Carla D. O’Connor (University of Michigan), a leading expert in the areas of African American achievement, cultural studies, urban education, and ethnographic studies, delivered the AERA Wallace Foundation Lecture, “Educational Research and the Disruption of Racialized Distortions: Establishing a Wide-Angle View.” The lecture was chaired by Annual Meeting Co-Chair Jennifer Jellison Holme (University of Texas, Austin).

In her engaging discussion, O’Connor posed a challenge to the audience to think deliberately about how education researchers can design studies of educational inequality in ways that situate racially minoritized students and their families in expanded fields of view. Drawing on insights from James Baldwin, O’Connor also demonstrated that the image of Black people is regularly distorted, and that those distortions often have deadly consequences.

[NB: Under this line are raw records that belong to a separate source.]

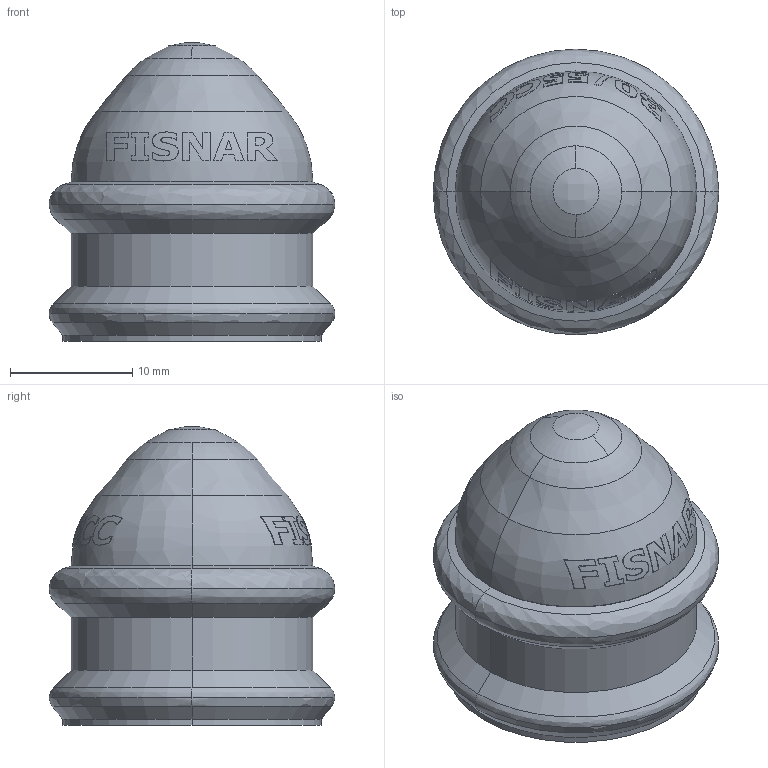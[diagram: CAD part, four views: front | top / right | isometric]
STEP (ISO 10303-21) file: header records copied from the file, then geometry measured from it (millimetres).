
FILE_DESCRIPTION (( 'STEP AP214' ), '1' );
FILE_NAME ('Rubber Piston 30cc.STEP', '2022-04-29T15:42:14', ( '' ), ( '' ), 'SwSTEP 2.0', 'SolidWorks 2020', '' );
FILE_SCHEMA (( 'AUTOMOTIVE_DESIGN' ));
Length unit declared in the file: millimetre
Products named in the file (1): Rubber Piston 30cc
Bounding box: 23.4 x 23.4 x 24.44 mm (x, y, z)
Volume: 3598.8 mm3; surface area: 2854.9 mm2
Topology: 1 solids, 1 shells, 208 faces, 528 edges, 340 vertices
Faces by surface type: plane 90, bspline 67, torus 27, cone 14, cylinder 10
Entity records: 8948 total; most frequent: CARTESIAN_POINT 4252, ORIENTED_EDGE 1056, DIRECTION 750, EDGE_CURVE 528, VERTEX_POINT 340, AXIS2_PLACEMENT_3D 292, EDGE_LOOP 226, B_SPLINE_CURVE_WITH_KNOTS 210

“These consequences have been marked via the bodies of Eleanor Bumpers, Erica Garnder, Trayvon Martin, Deborah Danner, Philando Castille, Tamir Rice, Sandra Bland, Renisha McBride, Michael Brown, Oscar Grant, Tyisha Sheree Miller, and Antwon Rose,” said O’Connor. “The consequences may be particularly intractable as per their articulation in everyday and mundane interactions that have become routinized in systematically structured school inequality.”

O’Connor also demonstrated how taken-for-granted everyday racial microinteractions and the embedded distortions of marginalized communities compound over time to produce and reify educational stratification and inequality.

“If we only study the problems related to Brown and Black communities, and we do not study the problems within wealthy and White communities, we frame these problems from a White perspective and create Whiteness as the norm,” said O’Connor. “We must privilege the voice and perspective of those most subject to distortion.”

Videos of both lectures will soon be posted on the AERA website. Solorzano has just assumed responsibility as chair of the AERA Fellows Committee and O’Conner has taken the helm of the AERA Journal Publications Committee.